A final area where disparities may have occurred between female and male
faculty was in job satisfaction and retention. In general, women were less satisfied in the
academic workplace than males (Trower and Chait, 2002), which may have led to
unhappiness with one’s profession and consequently lower productivity and decreased
retention rates. Lawler (1999) noted an additional concern: “unhappiness gets
transmitted to younger women starting out and may help scare a new generation away
from academia,” thus potentially reducing the pool of future academics.

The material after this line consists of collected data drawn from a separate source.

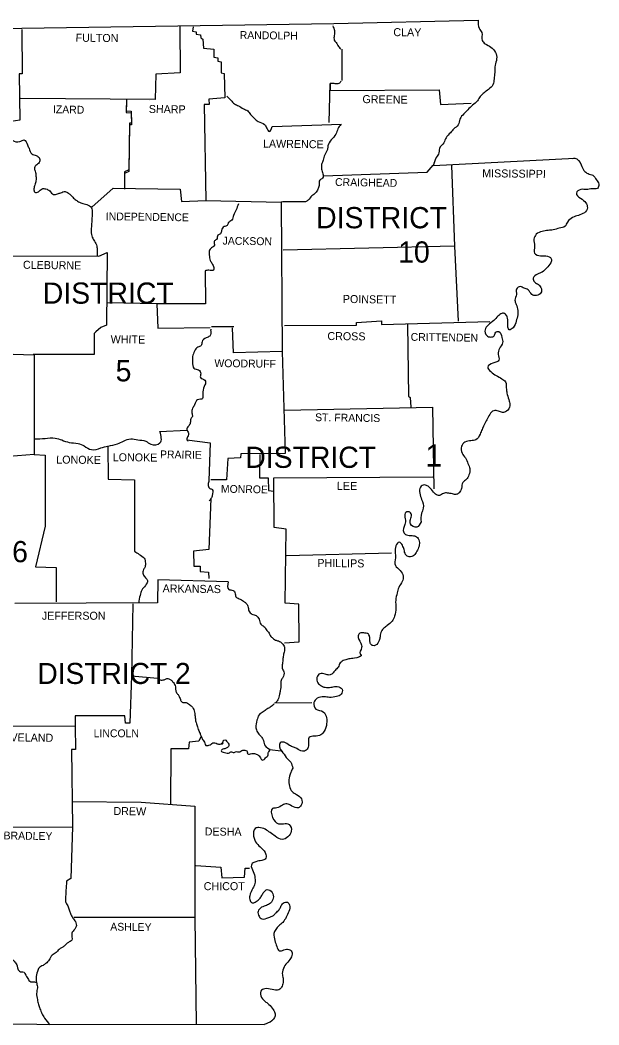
# Model space of a CAD drawing. Extents: x -17668 to 16999, y -17303 to 5867.
# Drawn here: x 2998 to 4708, y 2895 to 5867 of the extents above; entities that cross this region are included whole.
import ezdxf

# ---------------------------------------------------------------- set-up
doc = ezdxf.new("R2010")
doc.units = 0
for name, color, linetype in [('1', 7, 'Continuous'), ('2', 7, 'Continuous'), ('3', 7, 'Continuous')]:
    doc.layers.add(name, color=color, linetype=linetype)

msp = doc.modelspace()

# ---------------------------------------------------------------- linework, layer by layer
at = {"layer": '1'}
for p, q in [((4219.3, 5436.9), (4225.9, 5457.3)), ((4221, 5443.5), (4227.6, 5459.5)), ((3563.3, 4960.3), (3628.8, 4960.3)), ((3749.3, 3847.5), (3859.4, 3849.1))]:
    msp.add_line(p, q, dxfattribs=at)
for points in [[(1332.2, 5841.4), (2222.1, 5840.9), (3003, 5842.5), (3924.3, 5856.8), (4351.4, 5866.7)], [(3003, 5839.2), (3004.1, 5708.2), (2994.8, 5707.7), (2996.4, 5570.7), (2957.9, 5565.2), (2961.2, 5528.3), (2974.4, 5511.2), (2973.3, 5467.7), (2898.5, 5465), (2895.7, 5397.8), (2827.5, 5395.6), (2824.2, 5314.2), (2828, 5307.6), (2829.7, 5177.7), (2947.5, 5170), (2945.8, 4880), (3039.4, 4877.2), (3039.4, 4582.2), (2965.6, 4576.7), (2960.1, 4511.8), (2836.3, 4511.2)], [(3469.2, 5847.5), (3470.3, 5711), (3398.7, 5707.1), (3396.5, 5632.3), (2998.6, 5634.5)], [(3508.8, 5846.9), (3507.2, 5833.7), (3518.2, 5832.1), (3517.6, 5825.5), (3530.3, 5822.7), (3531.4, 5813.9), (3537.4, 5810.1), (3539.1, 5783.6), (3570.5, 5780.3), (3570.5, 5756.7), (3582, 5755), (3582, 5745.7), (3591.9, 5742.9), (3591.4, 5711), (3600.2, 5709.3), (3602.4, 5637.2), (3555.6, 5632.8), (3556.1, 5617.4), (3541.8, 5616.9), (3546.8, 5332.9), (3768.6, 5327.9), (3772.4, 4886.6), (3627.7, 4882.7), (3624.9, 4957)], [(3948.5, 5780.9), (3948.5, 5687.9)], [(3911.1, 5564.1), (3913.9, 5679.1), (3913.9, 5658.7), (4235.8, 5660.4), (4240.2, 5617.4), (4331, 5620.7)], [(3311.8, 5630.6), (3310.7, 5598.7), (3326.1, 5597.6), (3326.6, 5562.4), (3321.1, 5562.4), (3318.9, 5423.7), (3306.3, 5418.2), (3306.3, 5372)], [(3311.8, 5625.7), (3310.7, 5593.8), (3326.1, 5592.7), (3326.6, 5557.4), (3321.1, 5557.4), (3318.9, 5418.8), (3306.3, 5413.3), (3306.3, 5367)], [(3380.6, 5629.5), (3381.1, 5630.1)], [(3742.7, 5551.9), (3946.9, 5559.1)], [(4219.3, 5436.9), (4637, 5458.4)], [(3894.6, 5406.7), (4200.1, 5416.6), (4218.2, 5437.5)], [(4272.2, 5436.4), (4281.5, 5198.1), (4292.5, 4976.3)], [(3209.4, 5313.1), (3272.2, 5369.8), (3470.3, 5367), (3474.1, 5330.2), (3546.2, 5332.9)], [(3840.7, 5329.1), (3773.5, 5329.1), (3768.6, 5327.9)], [(2947.5, 5170), (3230.3, 5168.3), (3254.6, 5179.9), (3252.9, 4964.7), (3236.4, 4957.6), (3221.5, 4944.9), (3216.6, 4940), (3216, 4878.3), (3036.1, 4878.3)], [(4281.5, 5198.1), (3774.6, 5186.5)], [(3544, 5124.9), (3545.1, 5028), (3402, 5027.5), (3255.1, 5030.2)], [(3402, 5027.5), (3404.2, 4955.4), (3558.9, 4958.1)], [(3779, 4963.6), (3991.5, 4964.7), (3992, 4972.4), (4065.8, 4977.9), (4065.8, 4966.4), (4386.1, 4975.2)], [(4142.8, 4966.4), (4145.6, 4754.5), (4150.5, 4751.2), (4152.2, 4722.6)], [(3563.3, 4951), (3560.5, 4950.4)], [(3772.4, 4886.6), (3780.7, 4585), (3649.7, 4584.4), (3649.2, 4572.3), (3611.2, 4570.1), (3607.9, 4507.4), (3561.6, 4507.4)], [(3779, 4713.2), (4216, 4722)], [(4216, 4722), (4220.4, 4481)], [(3410.9, 4650.5), (3490.7, 4654.3)], [(3256.8, 4607.5), (3257.9, 4509), (3335.5, 4507.4), (3336, 4296)], [(3490.7, 4625.7), (3559.4, 4616.9), (3555.6, 4504.6)], [(3039.4, 4582.2), (3071.3, 4580), (3071.8, 4369.8), (3043.2, 4250.4), (3104.3, 4247.6), (3103.8, 4146.3)], [(3705.8, 4581.7), (3705.3, 4513.4), (3730.6, 4513.4), (3731.7, 4475.5), (3747.7, 4473.8)], [(3779, 4025.3), (3822, 4028), (3821.4, 4139.7), (3781.2, 4142.5), (3783.4, 4361), (3748.8, 4365.9), (3747.7, 4512.9), (4217.1, 4516.2)], [(3561.6, 4451.8), (3555, 4301), (3509.9, 4296), (3511, 4251.5), (3529.2, 4252), (3529.7, 4236.6), (3554.5, 4233.8), (3555, 4215.7)], [(3784.5, 4283.4), (4094.9, 4291.1)], [(3612.3, 4205.8), (3404.2, 4211.3), (3403.1, 4143.6), (2982.1, 4141.9)], [(3331, 4140.3), (3326.6, 3927.3), (3403.1, 3921.2)], [(3326.6, 3927.3), (3321.7, 3787.5), (3309, 3787.5), (3306.8, 3809), (3160.4, 3809), (3160.4, 3778.2)], [(2964.5, 3779.8), (3159.3, 3778.7)], [(3160.4, 3778.7), (3161, 3709.9), (3149.4, 3709.4), (3152.7, 3481)], [(3532.5, 3749.5), (3525.9, 3734.7), (3496.7, 3731.9), (3495.1, 3712.1), (3442.8, 3712.1), (3442.2, 3547.6)], [(3594.1, 3725.3), (3595.8, 3727), (3597.4, 3728.6), (3597.4, 3728.6)], [(3151.1, 3555.8), (3355.3, 3554.2), (3513.8, 3542.1)], [(3513.8, 3542.1), (3513.8, 3212.9), (3518.2, 2896.5)], [(2904, 3480.4), (3152.7, 3481)], [(3152.7, 3481), (3147.2, 3328), (3135.1, 3320.3)], [(3516.5, 3366.5), (3590.3, 3362.1), (3593.6, 3330.2), (3660.2, 3332.4), (3662.9, 3359.3), (3675.6, 3359.3)], [(1700.9, 3345), (1702, 2899.8), (3719, 2896.5)], [(3156, 3213.5), (3513.8, 3213.5)]]:
    msp.add_lwpolyline(points, dxfattribs=at)
for points in [[(4351.4, 5866.7), (4354.2, 5842.5), (4361.9, 5829.9), (4363, 5806.8), (4372.3, 5796.9), (4388.3, 5786.9), (4402.6, 5771), (4405.9, 5752.3), (4401.5, 5733), (4400.4, 5711.5), (4398.2, 5692.8), (4394.9, 5675.8), (4381.7, 5662), (4369, 5652.1), (4357.5, 5640.6), (4349.2, 5628.4), (4334.9, 5615.2), (4320.6, 5601.5), (4309, 5589.4), (4297.5, 5574), (4292, 5556.9), (4279.3, 5544.8), (4269.4, 5533.8), (4256.2, 5518.9), (4249.6, 5504.1), (4236.9, 5487), (4234.2, 5470.5), (4225.9, 5457.3), (4225.4, 5455.1)], [(3921.6, 5849.7), (3926.5, 5835.9), (3926, 5821.1), (3926, 5807.3), (3933.1, 5798), (3940.3, 5786.4), (3945.8, 5781.4)], [(3946.3, 5686.2), (3939.2, 5679.1), (3925.4, 5679.1), (3913.9, 5679.1)], [(3608.4, 5642.2), (3620.5, 5629.5), (3631, 5619.1), (3643.1, 5613), (3657.4, 5604.8), (3670.1, 5598.2), (3678.3, 5587.7), (3689.9, 5576.2), (3701.4, 5566.8), (3719.6, 5558), (3725.7, 5548.6), (3733.9, 5537.1), (3742.7, 5551.9)], [(3945.2, 5558.5), (3937, 5545.3), (3930.4, 5529.9), (3917.2, 5512.3), (3907.3, 5495.3), (3905.6, 5483.7), (3897.9, 5468.3), (3893.5, 5452.9), (3888.6, 5439.7), (3888.6, 5425.9), (3892.4, 5412.2), (3891.3, 5399.5), (3883.1, 5393.4), (3880.9, 5377.5), (3877.6, 5366.5), (3870.4, 5355.5), (3859.9, 5347.2), (3848.9, 5334.6), (3840.7, 5329.1)], [(2974.4, 5511.2), (2996.4, 5507.4), (3009.6, 5512.3), (3019, 5498), (3024, 5487), (3032.2, 5471), (3045.4, 5466.1), (3055.3, 5457.3), (3055.3, 5447.9), (3046.5, 5439.1), (3039.9, 5430.3), (3042.1, 5419.9), (3044.3, 5405.5), (3044.3, 5391.8), (3041, 5379.1), (3038.3, 5367.6), (3041, 5357.7), (3051.5, 5359.3), (3062.5, 5367.6), (3074, 5367.6), (3085, 5361.5), (3096.6, 5351.1), (3108.2, 5353.3), (3117.5, 5356), (3130.7, 5359.9), (3140.1, 5354.9), (3148.3, 5348.3), (3158.2, 5337.9), (3167.6, 5331.3), (3179.7, 5325.2), (3194.6, 5321.3), (3208.3, 5312), (3210.5, 5296), (3210, 5282.3), (3208.9, 5265.2), (3207.8, 5246.5), (3209.4, 5228.3), (3215.5, 5216.2), (3223.2, 5201.9), (3225.4, 5188.7), (3224.8, 5167.8)], [(4631, 5457.8), (4637, 5458.4), (4655.8, 5438.6), (4664, 5422.1), (4676.1, 5412.7), (4689.9, 5407.8), (4700.3, 5395.1), (4707.5, 5381.3), (4703.6, 5369.2), (4688.2, 5368.1), (4671.2, 5365.4), (4654.7, 5365.9), (4641.4, 5354.9), (4653.5, 5340.1), (4669.5, 5326.3), (4673.9, 5311.4), (4665.1, 5297.1), (4647.5, 5289.4), (4630.4, 5282.8), (4615, 5269.6), (4607.9, 5257), (4590.8, 5251.5), (4573.2, 5246.5), (4557.8, 5244.8), (4540.2, 5241.5), (4523.1, 5233.3), (4516, 5219), (4518.2, 5198.6), (4517.6, 5177.2), (4535.8, 5170), (4551.7, 5169.4), (4567.1, 5161.2), (4565.5, 5149.1), (4553.9, 5133.7), (4540.2, 5121.6), (4526.4, 5115.5), (4513.8, 5104), (4518.2, 5092.4), (4529.7, 5084.7), (4538, 5072), (4536.9, 5060.5), (4523.7, 5052.2), (4509.4, 5055.5), (4498.9, 5069.3), (4486.8, 5073.7), (4476.3, 5078.6), (4464.2, 5071.5), (4464.2, 5055.5), (4459.8, 5038.5), (4463.7, 5025.8), (4468.6, 5008.2), (4468.1, 4995), (4463.7, 4976.3), (4454.3, 4957), (4443.3, 4951), (4438.9, 4971.9), (4436.7, 4988.9), (4430.1, 4998.8), (4421.3, 4999.4), (4409.7, 4991.1), (4397.1, 4978.5), (4381.1, 4964.7), (4371.8, 4951), (4376.7, 4933.9), (4388.8, 4929.5), (4398.2, 4932.8), (4403.1, 4943.8), (4412.5, 4945.5), (4421.3, 4928.4)], [(3642.5, 5323), (3635.9, 5305.9), (3628.2, 5289.4), (3623.3, 5275.1), (3612.8, 5266.9), (3609.5, 5259.2), (3600.2, 5255.9), (3593, 5244.8), (3589.7, 5234.9), (3582, 5230.5), (3578.2, 5218.4), (3571, 5211.8), (3571.6, 5200.8), (3563.3, 5193.1), (3556.7, 5184.3), (3556.7, 5172.2), (3559.4, 5156.2), (3564.9, 5146.9), (3569.9, 5134.8), (3569.4, 5127.1), (3555.6, 5127.1), (3544, 5124.9)], [(3560.5, 4950.4), (3557.8, 4932.2), (3547.3, 4927.3), (3535.2, 4915.2), (3532.5, 4904.2), (3522.6, 4899.8), (3513.2, 4888.2), (3507.2, 4872.3), (3507.2, 4855.7), (3511, 4837), (3524.8, 4832.1), (3531.4, 4821.1), (3530.3, 4809.5), (3543.5, 4801.8), (3545.7, 4795.2), (3543.5, 4788.1), (3537.4, 4767.7), (3538, 4753.9), (3536.9, 4747.9), (3522, 4744), (3513.2, 4729.2), (3507.2, 4718.7), (3505, 4704.9), (3506.6, 4695), (3502.2, 4687.3), (3500.6, 4675.8), (3495.1, 4665.9), (3490.1, 4656.5), (3495.6, 4645.5), (3494, 4637.8), (3490.7, 4625.7), (3493.4, 4621.8)], [(4421.3, 4928.4), (4423.5, 4912.4), (4414.1, 4895.4), (4410.8, 4878.3), (4412.5, 4861.2), (4394.9, 4851.9), (4379.5, 4840.9), (4388.3, 4827.7), (4404.8, 4815.6), (4421.3, 4806.2), (4431.8, 4796.9), (4434.5, 4774.3), (4437.3, 4760), (4442.8, 4740.2), (4445, 4726.4), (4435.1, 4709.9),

Several studies found women had higher attrition rates than men both prior to and
after tenure was granted (Trower and Chait, 2002; Carter et al., 2003; August and
Waltman, 2004; August, 2006).22 Yamagata (2002), for example, found the attrition rate
for female faculty at medical schools was higher than the rate for male faculty from 1980
to1999 (although the attrition rate for women was decreasing faster than the attrition rate
for men and more women were becoming full-time faculty members, resulting in a
shrinking gender gap). Johnsrud and Rosser (2002) catalogued a variety of reasons that
may explain a faculty member’s decision to leave a particular position. These included a
variety of individual characteristics, such as personal motivation and satisfaction, as well
as institutional support.23
Against this backdrop of increasing women’s participation in science and
engineering but persistent gender gaps, the committee fielded its surveys of faculty and
academic departments in 2004 and 2005. Many of the issues and concerns raised by
previous data collection and research formed the basis for the survey questions. Again, an
analysis of historical trends from 1995-2003 and a more extensive review of the literature
can be found in Appendix 2-1.
20
Administrative and other activities are defined as those that occur at the respondent’s institution such as
administration, professional growth, service, and other activities not related to teaching or research.
21
As Nettles et al., 2000:8 noted: “Some researchers have argued that most faculty reward systems are
based on research performance (Hansen 1988), and existing research supports this assertion (e.g.,
Fairweather 1995, 1996; Gomez-Mejia and Balkin 1992; Ferber and Green 1982; Lewis and Becker 1979;
Tuckman and Hageman 1976). See also Fairweather (2002).
22
Although at least one study of 210 departments of computer science conducted in 2002 for the period
1995-2000 found that female faculty had lower turnover than men (Cohoon, et al., 2003).